- _Task brief_
Without the images, print all the entries below exactly as given.

*** Recorded data ***

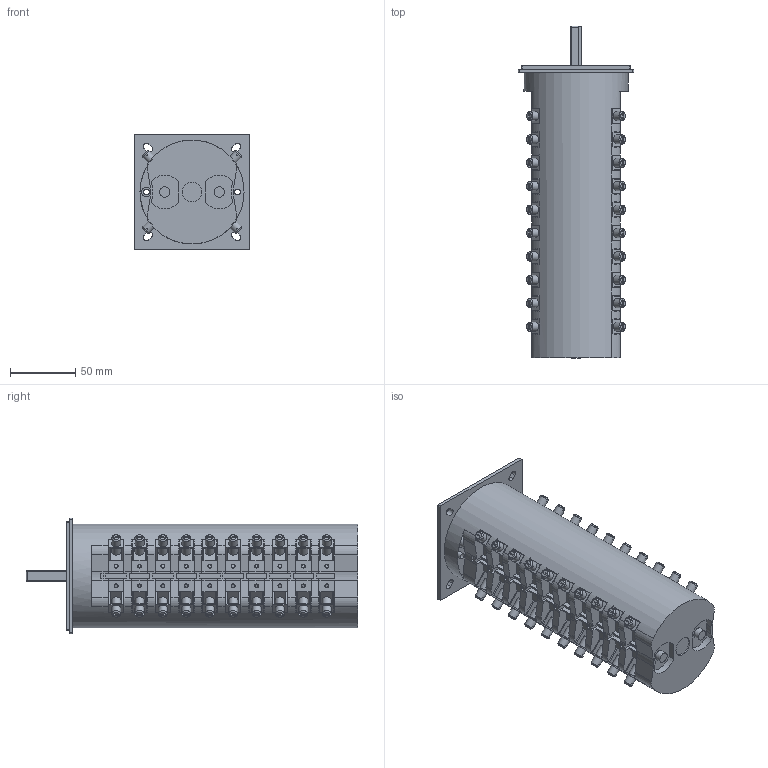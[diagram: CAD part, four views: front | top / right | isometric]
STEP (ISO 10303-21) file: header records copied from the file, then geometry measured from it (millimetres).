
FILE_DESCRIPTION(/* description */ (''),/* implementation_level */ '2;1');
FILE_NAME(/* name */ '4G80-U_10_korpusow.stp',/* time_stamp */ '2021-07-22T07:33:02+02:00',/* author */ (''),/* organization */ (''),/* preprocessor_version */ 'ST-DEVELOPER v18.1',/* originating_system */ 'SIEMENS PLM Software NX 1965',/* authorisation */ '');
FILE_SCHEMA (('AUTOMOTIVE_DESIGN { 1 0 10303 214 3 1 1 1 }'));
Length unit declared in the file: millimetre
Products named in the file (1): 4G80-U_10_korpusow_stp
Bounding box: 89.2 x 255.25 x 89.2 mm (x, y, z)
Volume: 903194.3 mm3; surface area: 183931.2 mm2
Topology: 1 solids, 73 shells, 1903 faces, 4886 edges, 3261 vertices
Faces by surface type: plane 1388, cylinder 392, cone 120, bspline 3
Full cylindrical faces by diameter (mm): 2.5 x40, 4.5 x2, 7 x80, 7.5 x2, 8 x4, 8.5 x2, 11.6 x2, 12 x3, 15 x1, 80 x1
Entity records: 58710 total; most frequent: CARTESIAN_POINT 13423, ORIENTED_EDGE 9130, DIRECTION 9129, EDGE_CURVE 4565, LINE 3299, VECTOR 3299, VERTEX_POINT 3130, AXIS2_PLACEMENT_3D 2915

***

- _Written solution_
[diagram: CAD part, four views: front | top / right | isometric]
STEP (ISO 10303-21) file: header records copied from the file, then geometry measured from it (millimetres).
FILE_DESCRIPTION(/* description */ (''),/* implementation_level */ '2;1');
FILE_NAME(/* name */ '4G80-U_10_korpusow.stp',/* time_stamp */ '2021-07-22T07:33:02+02:00',/* author */ (''),/* organization */ (''),/* preprocessor_version */ 'ST-DEVELOPER v18.1',/* originating_system */ 'SIEMENS PLM Software NX 1965',/* authorisation */ '');
FILE_SCHEMA (('AUTOMOTIVE_DESIGN { 1 0 10303 214 3 1 1 1 }'));
Length unit declared in the file: millimetre
Products named in the file (1): 4G80-U_10_korpusow_stp
Bounding box: 89.2 x 255.25 x 89.2 mm (x, y, z)
Volume: 903194.3 mm3; surface area: 183931.2 mm2
Topology: 1 solids, 73 shells, 1903 faces, 4886 edges, 3261 vertices
Faces by surface type: plane 1388, cylinder 392, cone 120, bspline 3
Full cylindrical faces by diameter (mm): 2.5 x40, 4.5 x2, 7 x80, 7.5 x2, 8 x4, 8.5 x2, 11.6 x2, 12 x3, 15 x1, 80 x1
Entity records: 58710 total; most frequent: CARTESIAN_POINT 13423, ORIENTED_EDGE 9130, DIRECTION 9129, EDGE_CURVE 4565, LINE 3299, VECTOR 3299, VERTEX_POINT 3130, AXIS2_PLACEMENT_3D 2915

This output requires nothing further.